SELECT * from html where url="http://MyWebPageWithAds.com" 
and xpath='//div/div[contains(@class,"main_content")]'

我自己最近才发现 YQL，并且对使用 xpath 相当陌生，但它有到目前为止为我工作。

Try the YQL module with xpath. Something along these lines:

SELECT * from html where url="http://MyWebPageWithAds.com" and xpath='//div/p'

The above query will retrieve the part of the html inside the <p> tag under the parent <div> tag. You can get fancy with xpath if your DIVs have attributes.
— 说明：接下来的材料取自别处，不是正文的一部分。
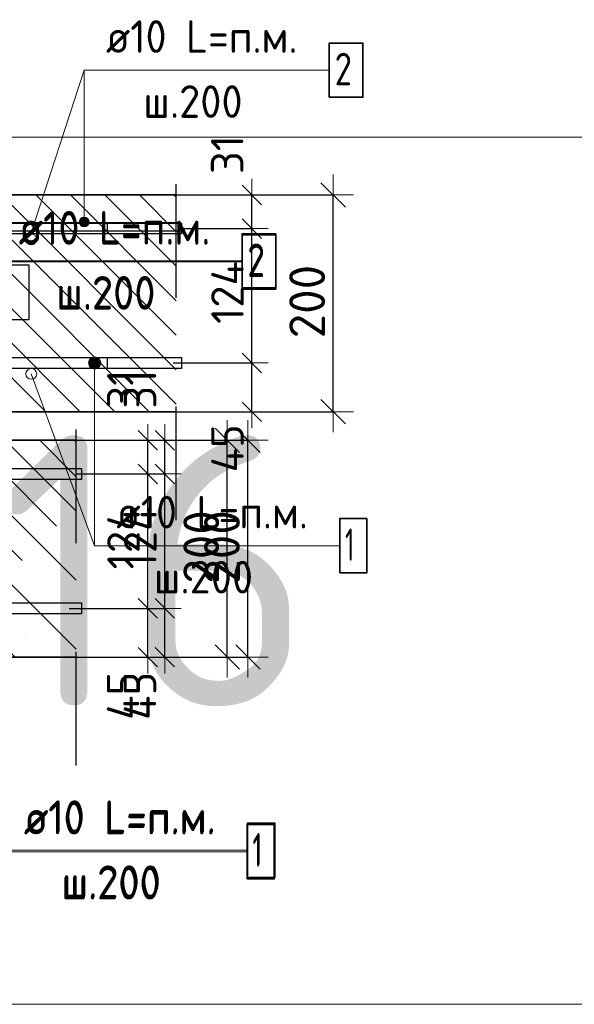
# Model space of a CAD drawing. Header units: metres. Extents: x -38 to 97, y -15 to 21.
# Tile 122 of 256: x 72.575 to 73.087, y 2.872 to 3.78. Entities that reach past the tile are written whole.
import ezdxf

# ---------------------------------------------------------------- set-up
doc = ezdxf.new("R2010")
doc.units = ezdxf.units.M
doc.header["$PDMODE"] = 65
doc.linetypes.add('______4', pattern=[0.135, 0.105, -0.03])
for name, color, linetype, lineweight in [('XR$3$Арм. стержнями верхней зоны', 180, 'Continuous', 35), ('XR$3$Арм. стержнями нижней зоны', 180, 'Continuous', 35), ('XR$3$Арм.стержн. Арматура края', 96, 'Continuous', 35), ('XR$3$Арм.стержн. Доп. арматура', 180, 'Continuous', 35), ('XR$3$Размерная линия (1)', 7, 'Continuous', 13), ('XR$3$Размерная линия_ общее', 7, 'Continuous', 13), ('XR$4$Арм. стержнями верхней зоны', 180, 'Continuous', 35), ('XR$4$Арм. стержнями нижней зоны', 180, 'Continuous', 35), ('XR$4$Арм.стержн. Арматура края', 96, 'Continuous', 35), ('XR$4$Размерная линия (1)', 7, 'Continuous', 13), ('XR$4$Размерная линия_ общее', 7, 'Continuous', 13), ('XR$5$Арм. стержнями верхней зоны', 180, 'Continuous', 35), ('XR$5$Арм. стержнями нижней зоны', 180, 'Continuous', 35), ('XR$5$Арм.стержн. Арматура края', 96, 'Continuous', 35), ('XR$5$Размерная линия (1)', 7, 'Continuous', 13), ('XR$5$Размерная линия_ общее', 7, 'Continuous', 13), ('XR$6$Текст_ примечание', 7, 'Continuous', 13)]:
    doc.layers.add(name, color=color, linetype=linetype, lineweight=lineweight)
doc.styles.add('ISOCPEUR', font='txt')
doc.dimstyles.new('DIMSTYLE_12', dxfattribs={"dimtxt": 0.03, "dimasz": 0.03, "dimexe": 0, "dimexo": 0, "dimgap": 0.015, "dimtad": 2, "dimdec": 0, "dimlfac": 1000, "dimrnd": 1, "dimzin": 12, "dimdsep": 46, "dimtxsty": 'ISOCPEUR', "dimblk1": 'ALL_ML_STRICH', "dimblk2": 'ALL_ML_STRICH', "dimsah": 1, "dimcen": 0, "dimclrd": 7, "dimclre": 256, "dimclrt": 7, "dimadec": 0, "dimazin": 0, "dimtfac": 1, "dimtdec": 0, "dimtix": 1, "dimtmove": 2, "dimatfit": 3, "dimfxl": 0, "dimtzin": 0, "dimlwd": 0, "dimlwe": -3, "dimarcsym": 0})
doc.dimstyles.new('DIMSTYLE_14', dxfattribs={"dimtxt": 0.03, "dimasz": 0.03, "dimexe": 0, "dimexo": 0, "dimgap": 0.015, "dimtad": 2, "dimdec": 0, "dimlfac": 1000, "dimrnd": 1, "dimzin": 12, "dimdsep": 46, "dimtxsty": 'ISOCPEUR', "dimblk1": 'ALL_ML_STRICH', "dimblk2": 'ALL_ML_STRICH', "dimsah": 1, "dimcen": 0, "dimclrd": 7, "dimclre": 256, "dimclrt": 7, "dimadec": 0, "dimazin": 0, "dimtfac": 1, "dimtdec": 0, "dimtix": 1, "dimtmove": 2, "dimatfit": 3, "dimfxl": 0, "dimtvp": 1.2, "dimtzin": 0, "dimlwd": 0, "dimlwe": -3, "dimarcsym": 0})
doc.dimstyles.new('DIMSTYLE_8', dxfattribs={"dimtxt": 0.033, "dimasz": 0.0375, "dimexe": 0, "dimexo": 0, "dimgap": 0.0165, "dimtad": 2, "dimdec": 0, "dimlfac": 1000, "dimrnd": 1, "dimzin": 12, "dimdsep": 46, "dimtxsty": 'ISOCPEUR', "dimblk1": 'ALL_ML_STRICH', "dimblk2": 'ALL_ML_STRICH', "dimsah": 1, "dimcen": 0, "dimclrd": 7, "dimclre": 256, "dimclrt": 7, "dimadec": 0, "dimazin": 0, "dimtfac": 1, "dimtdec": 0, "dimtix": 1, "dimtmove": 2, "dimatfit": 3, "dimfxl": 0, "dimtzin": 0, "dimlwd": 0, "dimlwe": -3, "dimarcsym": 0})
pattern_1 = [(135, (0, 0), (-0.031819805, -0.031819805), [0.4, -0.05, 0, -0.05]), (135, (-0.01591, -0.01591), (-0.031819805, -0.031819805), [0.8, -0.1, 0.1, -0.1])]

# ---------------------------------------------------------------- blocks, each defined once
blk = doc.blocks.new('ALL_ML_STRICH')
at = {"color": 0, "linetype": 'ByBlock', "lineweight": -2}
for p, q in [((0, -0.5), (0, 0.5)), ((-0.3, -0.3), (0.3, 0.3)), ((-1, 0), (0.5, 0))]:
    blk.add_line(p, q, dxfattribs=at)
blk = doc.blocks.new('*D95')
at = {"layer": 'DEFPOINTS', "color": 7, "linetype": 'Continuous', "lineweight": 13, "transparency": 33554687}
for p in [(72.69287, 3.61831), (72.69287, 3.41831), (72.86441, 3.41831)]:
    blk.add_point(p, dxfattribs=at)
at = {"layer": 'XR$3$Размерная линия_ общее', "color": 253, "linetype": 'Continuous', "lineweight": -2, "true_color": 0xa0a0a0, "transparency": 33554687}
for p, q in [((72.71287, 3.61831), (72.86441, 3.61831)), ((72.71287, 3.41831), (72.86441, 3.41831))]:
    blk.add_line(p, q, dxfattribs=at)
at = {"layer": 'XR$3$Размерная линия_ общее', "color": 7, "linetype": 'Continuous', "lineweight": -2, "transparency": 33554687}
blk.add_line((72.86441, 3.41831), (72.86441, 3.61831), dxfattribs=at)
at = {"layer": 'XR$3$Размерная линия_ общее', "color": 7, "linetype": 'Continuous', "lineweight": 13, "transparency": 33554687, "xscale": 0.0375, "yscale": 0.0375, "zscale": 0.0375}
for p, rotation in [((72.86441, 3.61831), 90), ((72.86441, 3.41831), 270)]:
    blk.add_blockref('ALL_ML_STRICH', p, dxfattribs=dict(at, rotation=rotation))
at = {"layer": 'XR$3$Размерная линия_ общее', "color": 7, "linetype": 'Continuous', "lineweight": 13, "transparency": 33554687, "insert": (72.84041, 3.51996), "char_height": 0.033, "width": 0.099, "attachment_point": 5, "rotation": 90, "style": 'ISOCPEUR'}
blk.add_mtext('\\A1;{200}', dxfattribs=at)
blk = doc.blocks.new('*D213')
at = {"layer": 'DEFPOINTS', "color": 7, "linetype": 'Continuous', "lineweight": 13, "transparency": 33554687}
for p in [(72.69675, 3.46331), (72.7096, 3.41831), (72.78941, 3.41831)]:
    blk.add_point(p, dxfattribs=at)
at = {"layer": 'XR$3$Размерная линия (1)', "color": 9, "linetype": 'Continuous', "lineweight": -2, "true_color": 0xc7c7c7, "transparency": 33554687}
for p, q in [((72.71675, 3.46331), (72.78941, 3.46331)), ((72.7296, 3.41831), (72.78941, 3.41831))]:
    blk.add_line(p, q, dxfattribs=at)
at = {"layer": 'XR$3$Размерная линия (1)', "color": 7, "linetype": 'Continuous', "lineweight": -2, "transparency": 33554687}
blk.add_line((72.78941, 3.41831), (72.78941, 3.46331), dxfattribs=at)
at = {"layer": 'XR$3$Размерная линия (1)', "color": 7, "linetype": 'Continuous', "lineweight": 13, "transparency": 33554687, "xscale": 0.03, "yscale": 0.03, "zscale": 0.03}
for p, rotation in [((72.78941, 3.46331), 90), ((72.78941, 3.41831), 270)]:
    blk.add_blockref('ALL_ML_STRICH', p, dxfattribs=dict(at, rotation=rotation))
at = {"layer": 'XR$3$Размерная линия (1)', "color": 7, "linetype": 'Continuous', "lineweight": 13, "transparency": 33554687, "insert": (72.76691, 3.38455), "char_height": 0.03, "width": 0.06, "attachment_point": 5, "rotation": 90, "style": 'ISOCPEUR'}
blk.add_mtext('\\A1;{45}', dxfattribs=at)
blk = doc.blocks.new('*D214')
at = {"layer": 'DEFPOINTS', "color": 7, "linetype": 'Continuous', "lineweight": 13, "transparency": 33554687}
for p in [(72.70378, 3.58731), (72.69675, 3.46331), (72.78941, 3.46331)]:
    blk.add_point(p, dxfattribs=at)
at = {"layer": 'XR$3$Размерная линия (1)', "color": 9, "linetype": 'Continuous', "lineweight": -2, "true_color": 0xc7c7c7, "transparency": 33554687}
for p, q in [((72.72378, 3.58731), (72.78941, 3.58731)), ((72.71675, 3.46331), (72.78941, 3.46331))]:
    blk.add_line(p, q, dxfattribs=at)
at = {"layer": 'XR$3$Размерная линия (1)', "color": 7, "linetype": 'Continuous', "lineweight": -2, "transparency": 33554687}
blk.add_line((72.78941, 3.46331), (72.78941, 3.58731), dxfattribs=at)
at = {"layer": 'XR$3$Размерная линия (1)', "color": 7, "linetype": 'Continuous', "lineweight": 13, "transparency": 33554687, "xscale": 0.03, "yscale": 0.03, "zscale": 0.03}
for p, rotation in [((72.78941, 3.58731), 90), ((72.78941, 3.46331), 270)]:
    blk.add_blockref('ALL_ML_STRICH', p, dxfattribs=dict(at, rotation=rotation))
at = {"layer": 'XR$3$Размерная линия (1)', "color": 7, "linetype": 'Continuous', "lineweight": 13, "transparency": 33554687, "insert": (72.76691, 3.52831), "char_height": 0.03, "width": 0.09, "attachment_point": 5, "rotation": 90, "style": 'ISOCPEUR'}
blk.add_mtext('\\A1;{124}', dxfattribs=at)
blk = doc.blocks.new('*D215')
at = {"layer": 'DEFPOINTS', "color": 7, "linetype": 'Continuous', "lineweight": 13, "transparency": 33554687}
for p in [(72.68591, 3.61831), (72.70378, 3.58731), (72.78941, 3.58731)]:
    blk.add_point(p, dxfattribs=at)
at = {"layer": 'XR$3$Размерная линия (1)', "color": 9, "linetype": 'Continuous', "lineweight": -2, "true_color": 0xc7c7c7, "transparency": 33554687}
for p, q in [((72.70591, 3.61831), (72.78941, 3.61831)), ((72.72378, 3.58731), (72.78941, 3.58731))]:
    blk.add_line(p, q, dxfattribs=at)
at = {"layer": 'XR$3$Размерная линия (1)', "color": 7, "linetype": 'Continuous', "lineweight": -2, "transparency": 33554687}
blk.add_line((72.78941, 3.58731), (72.78941, 3.61831), dxfattribs=at)
at = {"layer": 'XR$3$Размерная линия (1)', "color": 7, "linetype": 'Continuous', "lineweight": 13, "transparency": 33554687, "xscale": 0.03, "yscale": 0.03, "zscale": 0.03}
for p, rotation in [((72.78941, 3.61831), 90), ((72.78941, 3.58731), 270)]:
    blk.add_blockref('ALL_ML_STRICH', p, dxfattribs=dict(at, rotation=rotation))
at = {"layer": 'XR$3$Размерная линия (1)', "color": 7, "linetype": 'Continuous', "lineweight": 13, "transparency": 33554687, "insert": (72.76667, 3.6556), "char_height": 0.03, "width": 0.06, "attachment_point": 5, "rotation": 90, "style": 'ISOCPEUR'}
blk.add_mtext('\\A1;{31}', dxfattribs=at)
blk = doc.blocks.new('*D505')
at = {"layer": 'DEFPOINTS', "color": 7, "linetype": 'Continuous', "lineweight": 13, "transparency": 33554687}
for p in [(72.60086, 3.23697), (72.61371, 3.19197), (72.69352, 3.19197)]:
    blk.add_point(p, dxfattribs=at)
at = {"layer": 'XR$4$Размерная линия (1)', "color": 9, "linetype": 'Continuous', "lineweight": -2, "true_color": 0xc7c7c7, "transparency": 33554687}
for p, q in [((72.62086, 3.23697), (72.69352, 3.23697)), ((72.63371, 3.19197), (72.69352, 3.19197))]:
    blk.add_line(p, q, dxfattribs=at)
at = {"layer": 'XR$4$Размерная линия (1)', "color": 7, "linetype": 'Continuous', "lineweight": -2, "transparency": 33554687}
blk.add_line((72.69352, 3.19197), (72.69352, 3.23697), dxfattribs=at)
at = {"layer": 'XR$4$Размерная линия (1)', "color": 7, "linetype": 'Continuous', "lineweight": 13, "transparency": 33554687, "xscale": 0.03, "yscale": 0.03, "zscale": 0.03}
for p, rotation in [((72.69352, 3.23697), 90), ((72.69352, 3.19197), 270)]:
    blk.add_blockref('ALL_ML_STRICH', p, dxfattribs=dict(at, rotation=rotation))
at = {"layer": 'XR$4$Размерная линия (1)', "color": 7, "linetype": 'Continuous', "lineweight": 13, "transparency": 33554687, "insert": (72.67067, 3.15623), "char_height": 0.03, "width": 0.06, "attachment_point": 5, "rotation": 90, "style": 'ISOCPEUR'}
blk.add_mtext('\\A1;{45}', dxfattribs=at)
blk = doc.blocks.new('*D506')
at = {"layer": 'DEFPOINTS', "color": 7, "linetype": 'Continuous', "lineweight": 13, "transparency": 33554687}
for p in [(72.60789, 3.36097), (72.60086, 3.23697), (72.69352, 3.23697)]:
    blk.add_point(p, dxfattribs=at)
at = {"layer": 'XR$4$Размерная линия (1)', "color": 9, "linetype": 'Continuous', "lineweight": -2, "true_color": 0xc7c7c7, "transparency": 33554687}
for p, q in [((72.62789, 3.36097), (72.69352, 3.36097)), ((72.62086, 3.23697), (72.69352, 3.23697))]:
    blk.add_line(p, q, dxfattribs=at)
at = {"layer": 'XR$4$Размерная линия (1)', "color": 7, "linetype": 'Continuous', "lineweight": -2, "transparency": 33554687}
blk.add_line((72.69352, 3.23697), (72.69352, 3.36097), dxfattribs=at)
at = {"layer": 'XR$4$Размерная линия (1)', "color": 7, "linetype": 'Continuous', "lineweight": 13, "transparency": 33554687, "xscale": 0.03, "yscale": 0.03, "zscale": 0.03}
for p, rotation in [((72.69352, 3.36097), 90), ((72.69352, 3.23697), 270)]:
    blk.add_blockref('ALL_ML_STRICH', p, dxfattribs=dict(at, rotation=rotation))
at = {"layer": 'XR$4$Размерная линия (1)', "color": 7, "linetype": 'Continuous', "lineweight": 13, "transparency": 33554687, "insert": (72.67102, 3.30197), "char_height": 0.03, "width": 0.09, "attachment_point": 5, "rotation": 90, "style": 'ISOCPEUR'}
blk.add_mtext('\\A1;{124}', dxfattribs=at)
blk = doc.blocks.new('*D507')
at = {"layer": 'DEFPOINTS', "color": 7, "linetype": 'Continuous', "lineweight": 13, "transparency": 33554687}
for p in [(72.59002, 3.39197), (72.60789, 3.36097), (72.69352, 3.36097)]:
    blk.add_point(p, dxfattribs=at)
at = {"layer": 'XR$4$Размерная линия (1)', "color": 9, "linetype": 'Continuous', "lineweight": -2, "true_color": 0xc7c7c7, "transparency": 33554687}
for p, q in [((72.61002, 3.39197), (72.69352, 3.39197)), ((72.62789, 3.36097), (72.69352, 3.36097))]:
    blk.add_line(p, q, dxfattribs=at)
at = {"layer": 'XR$4$Размерная линия (1)', "color": 7, "linetype": 'Continuous', "lineweight": -2, "transparency": 33554687}
blk.add_line((72.69352, 3.36097), (72.69352, 3.39197), dxfattribs=at)
at = {"layer": 'XR$4$Размерная линия (1)', "color": 7, "linetype": 'Continuous', "lineweight": 13, "transparency": 33554687, "xscale": 0.03, "yscale": 0.03, "zscale": 0.03}
for p, rotation in [((72.69352, 3.39197), 90), ((72.69352, 3.36097), 270)]:
    blk.add_blockref('ALL_ML_STRICH', p, dxfattribs=dict(at, rotation=rotation))
at = {"layer": 'XR$4$Размерная линия (1)', "color": 7, "linetype": 'Continuous', "lineweight": 13, "transparency": 33554687, "insert": (72.67078, 3.43926), "char_height": 0.03, "width": 0.06, "attachment_point": 5, "rotation": 90, "style": 'ISOCPEUR'}
blk.add_mtext('\\A1;{31}', dxfattribs=at)
blk = doc.blocks.new('*D513')
at = {"layer": 'DEFPOINTS', "color": 7, "linetype": 'Continuous', "lineweight": 13, "transparency": 33554687}
for p in [(72.5952, 3.39197), (72.5952, 3.19197), (72.76674, 3.19197)]:
    blk.add_point(p, dxfattribs=at)
at = {"layer": 'XR$4$Размерная линия_ общее', "color": 253, "linetype": 'Continuous', "lineweight": -2, "true_color": 0xa0a0a0, "transparency": 33554687}
for p, q in [((72.6152, 3.39197), (72.76674, 3.39197)), ((72.6152, 3.19197), (72.76674, 3.19197))]:
    blk.add_line(p, q, dxfattribs=at)
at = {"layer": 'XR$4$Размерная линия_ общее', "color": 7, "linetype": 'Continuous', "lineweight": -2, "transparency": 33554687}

Say for example you had a page with several DIVs, but the one you wanted looked like this:

<div>
    <div>Stuff I don't want</div>
    <div class="main_content">Stuff I want to add to my feed</div>
    <div>Other stuff I don't want</div> 
</div>

You would change the YQL string above to this:

SELECT * from html where url="http://MyWebPageWithAds.com" 
and xpath='//div/div[contains(@class,"main_content")]'

I've only recently discovered YQL myself, and am fairly new to using xpaths, but it has worked for me so far.

回复收藏 0 原文

~没有更多了~

关于作者

泅渡

暂无简介

文章

24 人气

关注发私信

友情链接

文江博客

Yahoo Pipe：如何解析子 DIV

如果你对这篇内容有疑问，欢迎到本站社区发帖提问参与讨论，获取更多帮助，或者扫码二维码加入 Web 技术交流群。

发布评论

评论（1）

关于作者

相关话题

热门标签

推荐作者

Promise

qq_lbRlsh

待＂谢繁草

yy2010hell

漫无边际

傲娇萝莉攻

友情链接

Yahoo Pipe：如何解析子 DIV

如果你对这篇内容有疑问，欢迎到本站社区发帖提问 参与讨论，获取更多帮助，或者扫码二维码加入 Web 技术交流群。

发布评论

评论（1）

关于作者

相关话题

热门标签

推荐作者

Promise

qq_lbRlsh

待＂谢繁草

yy2010hell

漫无边际

傲娇萝莉攻

友情链接

如果你对这篇内容有疑问，欢迎到本站社区发帖提问参与讨论，获取更多帮助，或者扫码二维码加入 Web 技术交流群。